The Chinese Academy of Sciences (CAS) recently announced significant progress in the field of perovskite solar cells.
CAS.COM
The Chinese Academy of Sciences (CAS) recently announced significant progress in the field of perovskite solar cells. Researchers Ge Ziyi and Liu Chang from the Ningbo Institute of Materials Technology and Engineering, CAS, have successfully addressed the issue of iodide (I⁻) migration in perovskite solar cell devices, a key factor in enhancing their operational stability.
The team introduced 2,1,3-benzothiadiazole and 5,6-difluoro-4,7-dibromo derivatives into the perovskite precursor solution. Their findings revealed that the strong coordination interactions between the unhybridized p orbitals of these compounds and the lone pair electrons of iodide ions effectively inhibit the deprotonation of methylammonium iodide (MAI) and formamidinium iodide (FAI), as well as the subsequent conversion of I⁻ to I₂. Additionally, the highly electronegative fluorine atoms enhance electrostatic interactions with iodide ions. Together, these effects reduce perovskite decomposition and lower the density of iodine vacancy defects.

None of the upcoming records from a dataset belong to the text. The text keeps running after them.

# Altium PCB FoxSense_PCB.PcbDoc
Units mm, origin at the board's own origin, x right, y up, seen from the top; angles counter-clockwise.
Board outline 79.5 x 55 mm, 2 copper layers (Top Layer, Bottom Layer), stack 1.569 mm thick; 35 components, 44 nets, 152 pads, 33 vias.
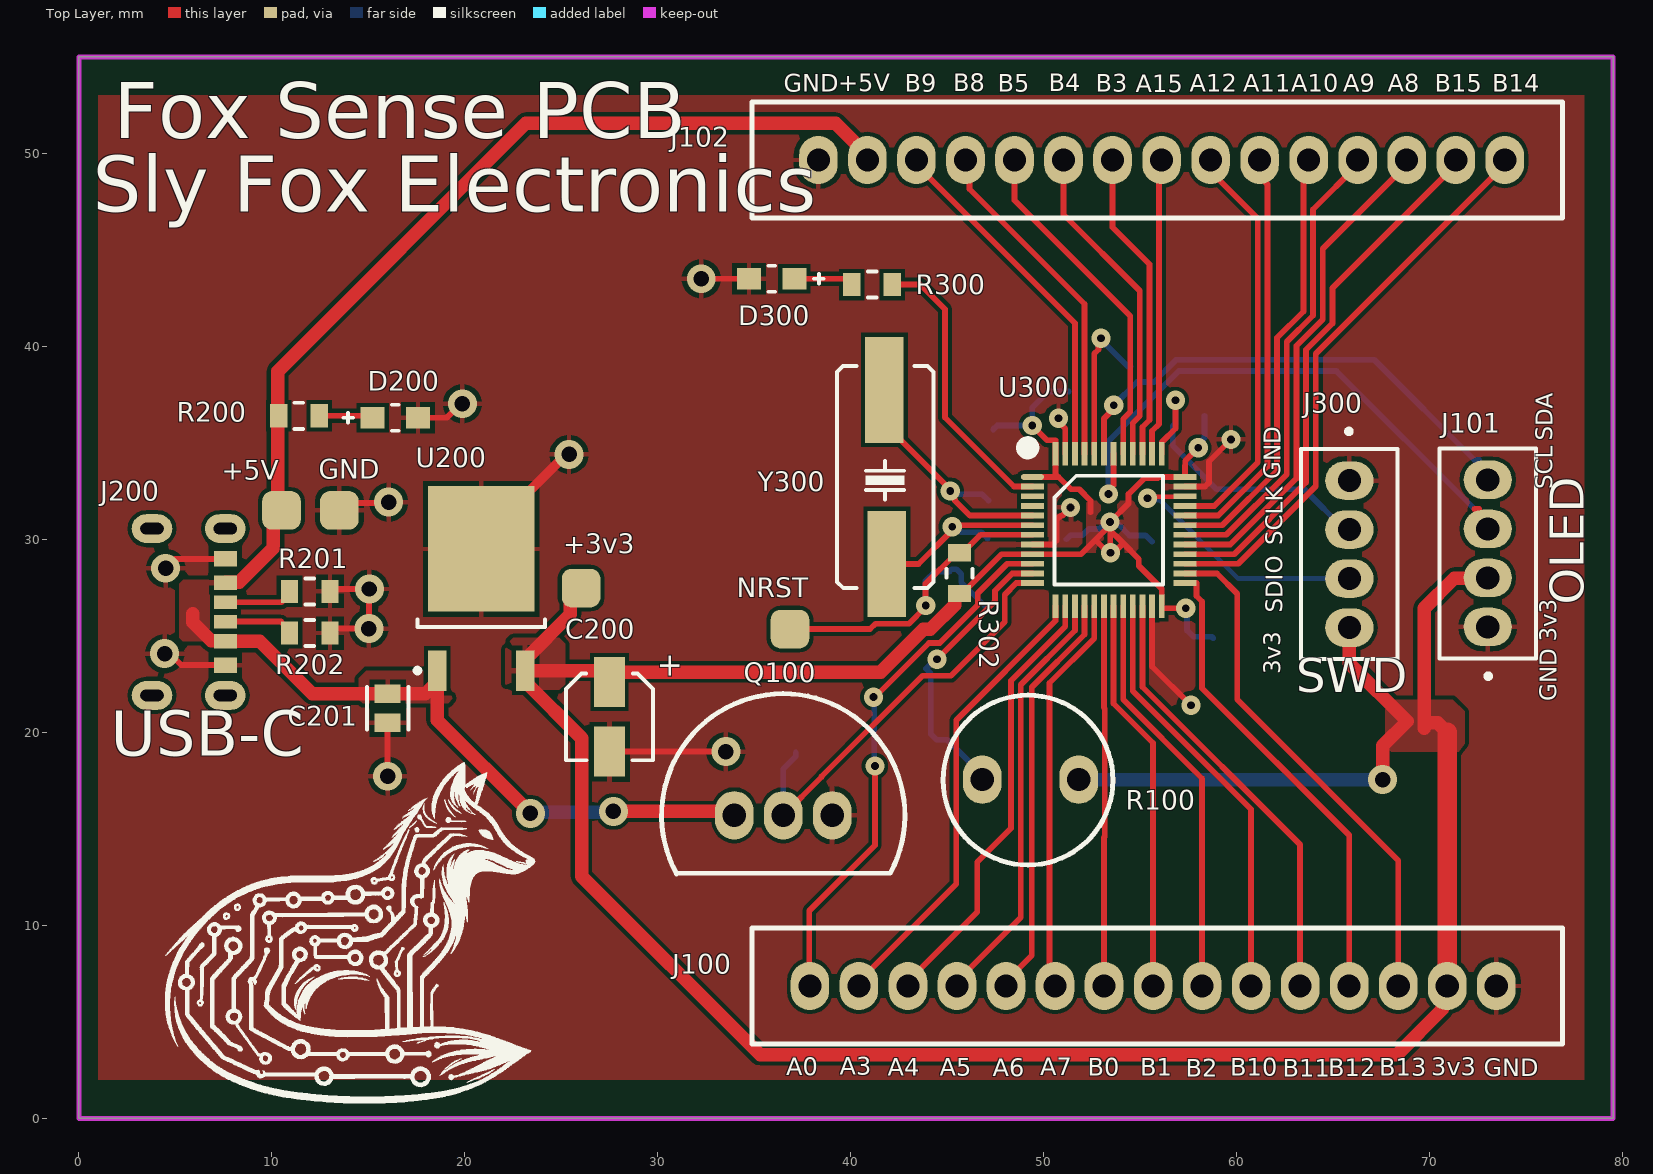
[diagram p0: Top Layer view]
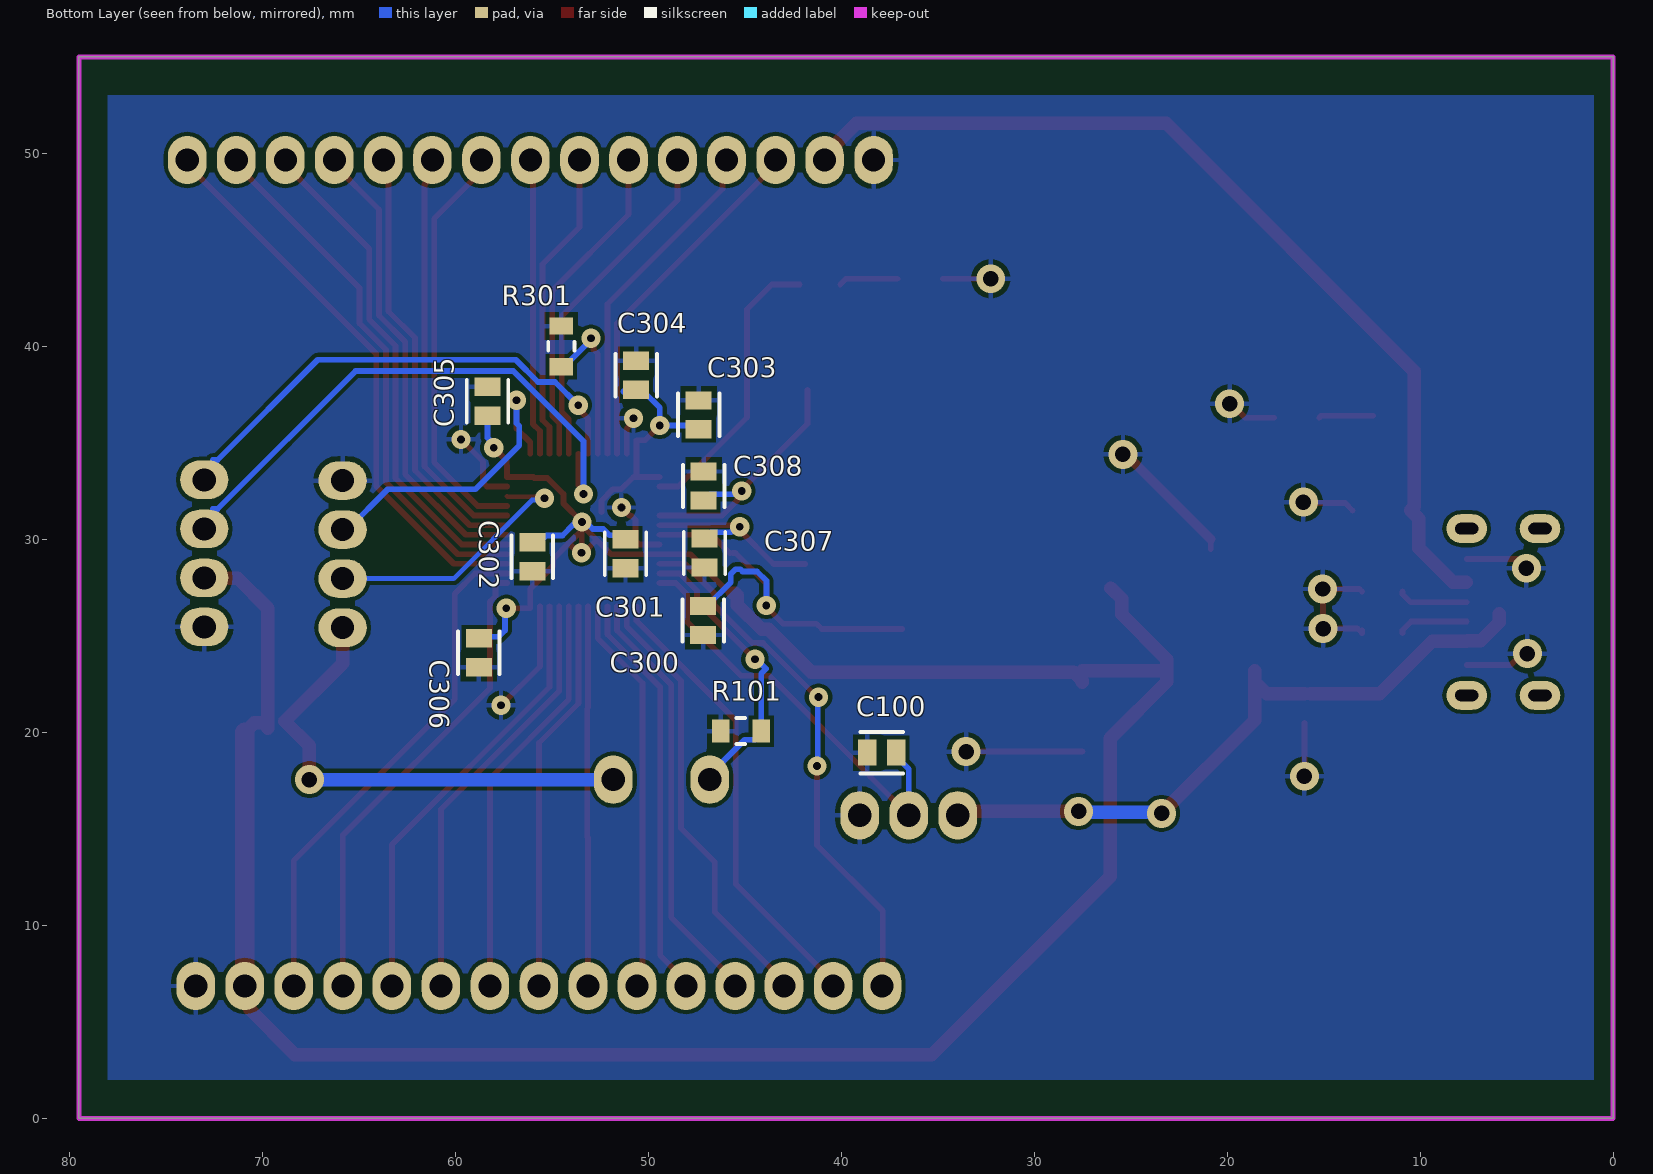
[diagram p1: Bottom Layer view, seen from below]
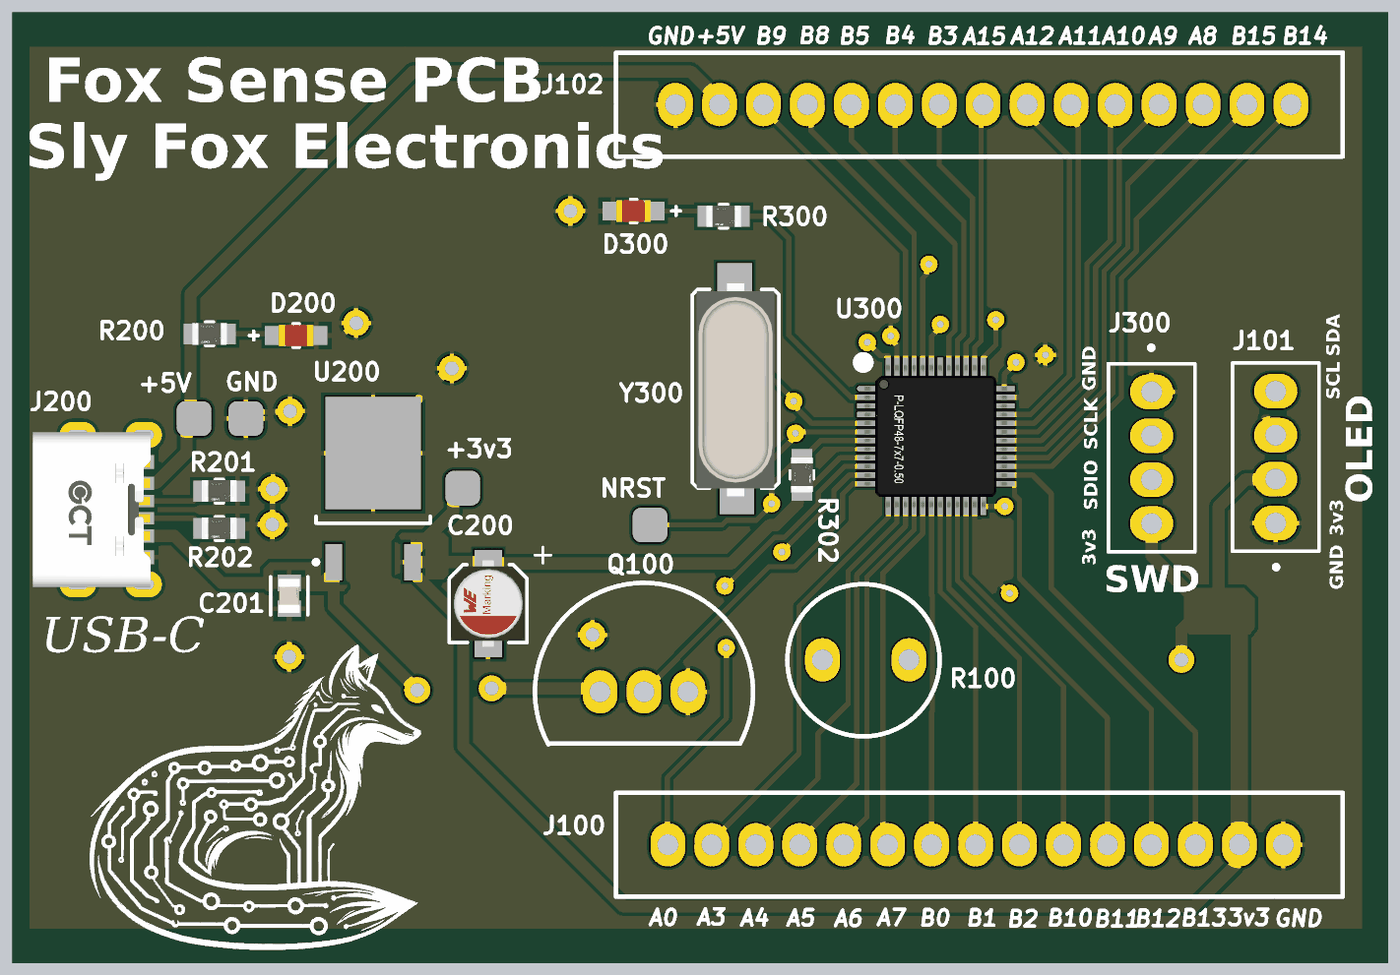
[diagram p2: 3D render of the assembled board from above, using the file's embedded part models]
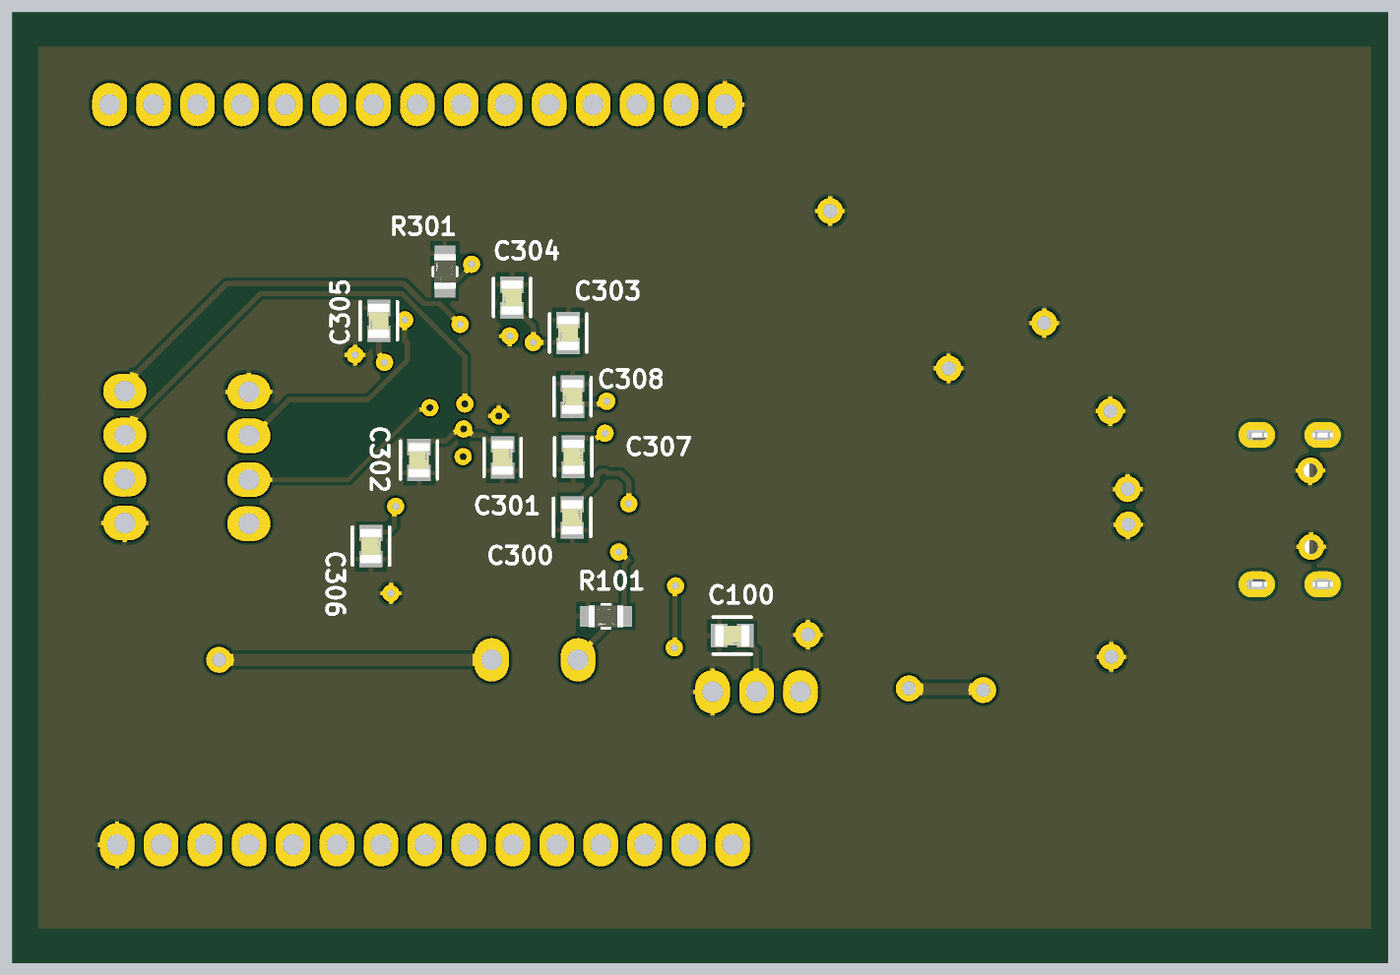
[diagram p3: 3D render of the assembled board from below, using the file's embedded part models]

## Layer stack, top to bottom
Top Solder: solder mask 0.0254, SM-001, Dk 4
Top Layer: signal copper 0.035
Dielectric 1: core 1.4986, Core-043, Dk 4.3
Bottom Layer: signal copper 0.035
Bottom Solder: solder mask 0.0254, SM-001, Dk 4

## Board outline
0,0 0,55 79.5,55 79.5,0

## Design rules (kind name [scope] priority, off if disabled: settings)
Clearance [All] p1: gap=0.2 ignorepadtopadclearanceinfootprint=TRUE
HoleSize [All] p1: absolutevalues=TRUE maxlimit=2.54 minlimit=0.04 maxpercent=80.000 minpercent=20.000
MinimumAnnularRing [All] p1: minimumring=0.3
MinimumSolderMaskSliver [All] p1: minsoldermaskwidth=0.2
PolygonConnect [All] p1: connectstyle=Relief reliefconductorwidth=0.254 reliefentries=4 polygonreliefangle="90 Angle" airgapwidth=0.254
RoutingVias [All] p1: holewidth=0.8 width=1.5 viastyle="Through Hole" minholewidth=0.4 minwidth=0.8 maxholewidth=0.8 maxwidth=1.5
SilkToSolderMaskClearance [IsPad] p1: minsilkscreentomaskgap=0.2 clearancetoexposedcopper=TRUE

As a result, the team achieved a power conversion efficiency (PCE) exceeding 26% in inverted single-junction perovskite solar cells, paired with remarkable operational stability. Under the ISOS-L-3 testing protocol, the treated solar cells retained 85% of their initial PCE after 1,000 hours of aging. Moreover, when the BT2F-2B compounds were applied to wide-bandgap perovskite systems, all-perovskite tandem solar cells reached an impressive PCE of 27.8%, showcasing the versatility and effectiveness of this approach.This breakthrough marks a major advancement in the development of high-efficiency and durable perovskite solar cells, offering new opportunities for sustainable energy technologies.